_Provided information_
*** Begin section ***

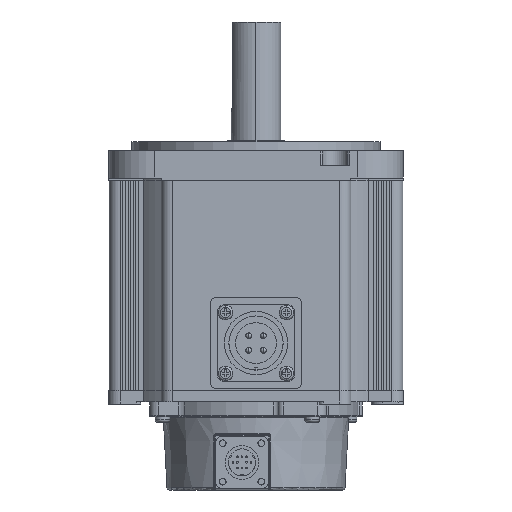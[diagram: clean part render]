
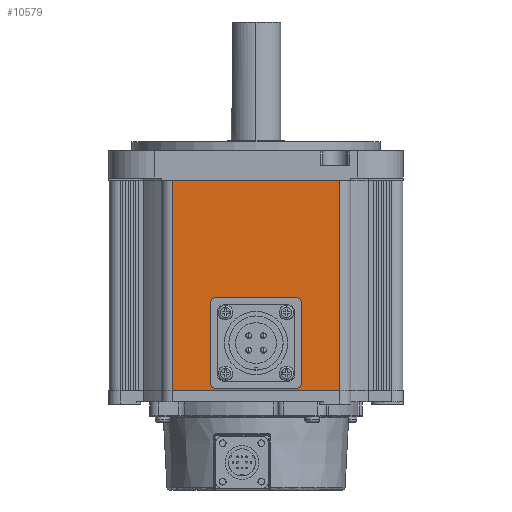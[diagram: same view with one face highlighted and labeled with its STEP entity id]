
A CAD part, front view. The second image highlights one B-rep face of the part: STEP entity #10579.
In plain terms, the highlighted planar face has unit normal (0, -1, 0) as drawn and (0, 1, 0) by its records, which use the part's own axes.
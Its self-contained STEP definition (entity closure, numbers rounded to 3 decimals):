
#677 = CARTESIAN_POINT ( 'NONE',  ( 37., 65., 0. ) ) ;
#858 = VERTEX_POINT ( 'NONE', #10986 ) ;
#1016 = VECTOR ( 'NONE', #4724, 1000. ) ;
#2369 = EDGE_LOOP ( 'NONE', ( #12495, #27560, #9130, #13889 ) ) ;
#2451 = EDGE_CURVE ( 'NONE', #858, #17738, #8882, .T. ) ;
#4203 = VECTOR ( 'NONE', #17973, 1000. ) ;
#4724 = DIRECTION ( 'NONE',  ( 0., 0., -1. ) ) ;
#4952 = LINE ( 'NONE', #28102, #13126 ) ;
#5271 = CIRCLE ( 'NONE', #30824, 5. ) ;
#8695 = PLANE ( 'NONE',  #19934 ) ;
#8859 = LINE ( 'NONE', #30521, #1016 ) ;
#8882 = LINE ( 'NONE', #18606, #11859 ) ;
#8951 = FACE_OUTER_BOUND ( 'NONE', #2369, .T. ) ;
#9130 = ORIENTED_EDGE ( 'NONE', *, *, #2451, .F. ) ;
#10216 = CARTESIAN_POINT ( 'NONE',  ( -5., 65., 21. ) ) ;
#10579 = ADVANCED_FACE ( 'NONE', ( #11936, #8951 ), #8695, .F. ) ;
#10986 = CARTESIAN_POINT ( 'NONE',  ( 37., 65., 93. ) ) ;
#11257 = DIRECTION ( 'NONE',  ( 0., 1., 0. ) ) ;
#11859 = VECTOR ( 'NONE', #25785, 1000. ) ;
#11936 = FACE_BOUND ( 'NONE', #29894, .T. ) ;
#12495 = ORIENTED_EDGE ( 'NONE', *, *, #21975, .T. ) ;
#12498 = EDGE_CURVE ( 'NONE', #17738, #24533, #8859, .T. ) ;
#13126 = VECTOR ( 'NONE', #30571, 1000. ) ;
#13654 = DIRECTION ( 'NONE',  ( 0., 1., 0. ) ) ;
#13889 = ORIENTED_EDGE ( 'NONE', *, *, #15574, .T. ) ;
#15574 = EDGE_CURVE ( 'NONE', #858, #19819, #30247, .T. ) ;
#16087 = CIRCLE ( 'NONE', #28212, 5. ) ;
#16135 = EDGE_CURVE ( 'NONE', #25169, #16360, #5271, .T. ) ;
#16334 = CARTESIAN_POINT ( 'NONE',  ( 0., 65., 21. ) ) ;
#16360 = VERTEX_POINT ( 'NONE', #10216 ) ;
#17738 = VERTEX_POINT ( 'NONE', #17885 ) ;
#17885 = CARTESIAN_POINT ( 'NONE',  ( -37., 65., 93. ) ) ;
#17973 = DIRECTION ( 'NONE',  ( 0., 0., -1. ) ) ;
#18013 = CARTESIAN_POINT ( 'NONE',  ( -37., 65., 93. ) ) ;
#18606 = CARTESIAN_POINT ( 'NONE',  ( -37., 65., 93. ) ) ;
#19819 = VERTEX_POINT ( 'NONE', #677 ) ;
#19934 = AXIS2_PLACEMENT_3D ( 'NONE', #18013, #25084, #24980 ) ;
#20178 = ORIENTED_EDGE ( 'NONE', *, *, #16135, .F. ) ;
#21879 = ORIENTED_EDGE ( 'NONE', *, *, #27503, .F. ) ;
#21975 = EDGE_CURVE ( 'NONE', #19819, #24533, #4952, .T. ) ;
#23406 = DIRECTION ( 'NONE',  ( -1., 0., 0. ) ) ;
#23733 = CARTESIAN_POINT ( 'NONE',  ( -37., 65., 0. ) ) ;
#24533 = VERTEX_POINT ( 'NONE', #23733 ) ;
#24980 = DIRECTION ( 'NONE',  ( 1., 0., 0. ) ) ;
#25084 = DIRECTION ( 'NONE',  ( 0., -1., 0. ) ) ;
#25169 = VERTEX_POINT ( 'NONE', #28833 ) ;
#25785 = DIRECTION ( 'NONE',  ( -1., 0., 0. ) ) ;
#27503 = EDGE_CURVE ( 'NONE', #16360, #25169, #16087, .T. ) ;
#27560 = ORIENTED_EDGE ( 'NONE', *, *, #12498, .F. ) ;
#28007 = DIRECTION ( 'NONE',  ( -1., 0., 0. ) ) ;
#28102 = CARTESIAN_POINT ( 'NONE',  ( -37., 65., 0. ) ) ;
#28212 = AXIS2_PLACEMENT_3D ( 'NONE', #30174, #11257, #28007 ) ;
#28833 = CARTESIAN_POINT ( 'NONE',  ( 5., 65., 21. ) ) ;
#29894 = EDGE_LOOP ( 'NONE', ( #21879, #20178 ) ) ;
#30160 = CARTESIAN_POINT ( 'NONE',  ( 37., 65., 93. ) ) ;
#30174 = CARTESIAN_POINT ( 'NONE',  ( 0., 65., 21. ) ) ;
#30247 = LINE ( 'NONE', #30160, #4203 ) ;
#30521 = CARTESIAN_POINT ( 'NONE',  ( -37., 65., 93. ) ) ;
#30571 = DIRECTION ( 'NONE',  ( -1., 0., 0. ) ) ;
#30824 = AXIS2_PLACEMENT_3D ( 'NONE', #16334, #13654, #23406 ) ;

*** End section ***

_Problem to solve_
I'd like the material duplicated exactly, without its pictures.

_Result of the task_
[diagram: clean part render]
[diagram: same view with one face highlighted and labeled with its STEP entity id]
A CAD part, front view. The second image highlights one B-rep face of the part: STEP entity #10579.
In plain terms, the highlighted planar face has unit normal (0, -1, 0) as drawn and (0, 1, 0) by its records, which use the part's own axes.
Its self-contained STEP definition (entity closure, numbers rounded to 3 decimals):
#677 = CARTESIAN_POINT ( 'NONE',  ( 37., 65., 0. ) ) ;
#858 = VERTEX_POINT ( 'NONE', #10986 ) ;
#1016 = VECTOR ( 'NONE', #4724, 1000. ) ;
#2369 = EDGE_LOOP ( 'NONE', ( #12495, #27560, #9130, #13889 ) ) ;
#2451 = EDGE_CURVE ( 'NONE', #858, #17738, #8882, .T. ) ;
#4203 = VECTOR ( 'NONE', #17973, 1000. ) ;
#4724 = DIRECTION ( 'NONE',  ( 0., 0., -1. ) ) ;
#4952 = LINE ( 'NONE', #28102, #13126 ) ;
#5271 = CIRCLE ( 'NONE', #30824, 5. ) ;
#8695 = PLANE ( 'NONE',  #19934 ) ;
#8859 = LINE ( 'NONE', #30521, #1016 ) ;
#8882 = LINE ( 'NONE', #18606, #11859 ) ;
#8951 = FACE_OUTER_BOUND ( 'NONE', #2369, .T. ) ;
#9130 = ORIENTED_EDGE ( 'NONE', *, *, #2451, .F. ) ;
#10216 = CARTESIAN_POINT ( 'NONE',  ( -5., 65., 21. ) ) ;
#10579 = ADVANCED_FACE ( 'NONE', ( #11936, #8951 ), #8695, .F. ) ;
#10986 = CARTESIAN_POINT ( 'NONE',  ( 37., 65., 93. ) ) ;
#11257 = DIRECTION ( 'NONE',  ( 0., 1., 0. ) ) ;
#11859 = VECTOR ( 'NONE', #25785, 1000. ) ;
#11936 = FACE_BOUND ( 'NONE', #29894, .T. ) ;
#12495 = ORIENTED_EDGE ( 'NONE', *, *, #21975, .T. ) ;
#12498 = EDGE_CURVE ( 'NONE', #17738, #24533, #8859, .T. ) ;
#13126 = VECTOR ( 'NONE', #30571, 1000. ) ;
#13654 = DIRECTION ( 'NONE',  ( 0., 1., 0. ) ) ;
#13889 = ORIENTED_EDGE ( 'NONE', *, *, #15574, .T. ) ;
#15574 = EDGE_CURVE ( 'NONE', #858, #19819, #30247, .T. ) ;
#16087 = CIRCLE ( 'NONE', #28212, 5. ) ;
#16135 = EDGE_CURVE ( 'NONE', #25169, #16360, #5271, .T. ) ;
#16334 = CARTESIAN_POINT ( 'NONE',  ( 0., 65., 21. ) ) ;
#16360 = VERTEX_POINT ( 'NONE', #10216 ) ;
#17738 = VERTEX_POINT ( 'NONE', #17885 ) ;
#17885 = CARTESIAN_POINT ( 'NONE',  ( -37., 65., 93. ) ) ;
#17973 = DIRECTION ( 'NONE',  ( 0., 0., -1. ) ) ;
#18013 = CARTESIAN_POINT ( 'NONE',  ( -37., 65., 93. ) ) ;
#18606 = CARTESIAN_POINT ( 'NONE',  ( -37., 65., 93. ) ) ;
#19819 = VERTEX_POINT ( 'NONE', #677 ) ;
#19934 = AXIS2_PLACEMENT_3D ( 'NONE', #18013, #25084, #24980 ) ;
#20178 = ORIENTED_EDGE ( 'NONE', *, *, #16135, .F. ) ;
#21879 = ORIENTED_EDGE ( 'NONE', *, *, #27503, .F. ) ;
#21975 = EDGE_CURVE ( 'NONE', #19819, #24533, #4952, .T. ) ;
#23406 = DIRECTION ( 'NONE',  ( -1., 0., 0. ) ) ;
#23733 = CARTESIAN_POINT ( 'NONE',  ( -37., 65., 0. ) ) ;
#24533 = VERTEX_POINT ( 'NONE', #23733 ) ;
#24980 = DIRECTION ( 'NONE',  ( 1., 0., 0. ) ) ;
#25084 = DIRECTION ( 'NONE',  ( 0., -1., 0. ) ) ;
#25169 = VERTEX_POINT ( 'NONE', #28833 ) ;
#25785 = DIRECTION ( 'NONE',  ( -1., 0., 0. ) ) ;
#27503 = EDGE_CURVE ( 'NONE', #16360, #25169, #16087, .T. ) ;
#27560 = ORIENTED_EDGE ( 'NONE', *, *, #12498, .F. ) ;
#28007 = DIRECTION ( 'NONE',  ( -1., 0., 0. ) ) ;
#28102 = CARTESIAN_POINT ( 'NONE',  ( -37., 65., 0. ) ) ;
#28212 = AXIS2_PLACEMENT_3D ( 'NONE', #30174, #11257, #28007 ) ;
#28833 = CARTESIAN_POINT ( 'NONE',  ( 5., 65., 21. ) ) ;
#29894 = EDGE_LOOP ( 'NONE', ( #21879, #20178 ) ) ;
#30160 = CARTESIAN_POINT ( 'NONE',  ( 37., 65., 93. ) ) ;
#30174 = CARTESIAN_POINT ( 'NONE',  ( 0., 65., 21. ) ) ;
#30247 = LINE ( 'NONE', #30160, #4203 ) ;
#30521 = CARTESIAN_POINT ( 'NONE',  ( -37., 65., 93. ) ) ;
#30571 = DIRECTION ( 'NONE',  ( -1., 0., 0. ) ) ;
#30824 = AXIS2_PLACEMENT_3D ( 'NONE', #16334, #13654, #23406 ) ;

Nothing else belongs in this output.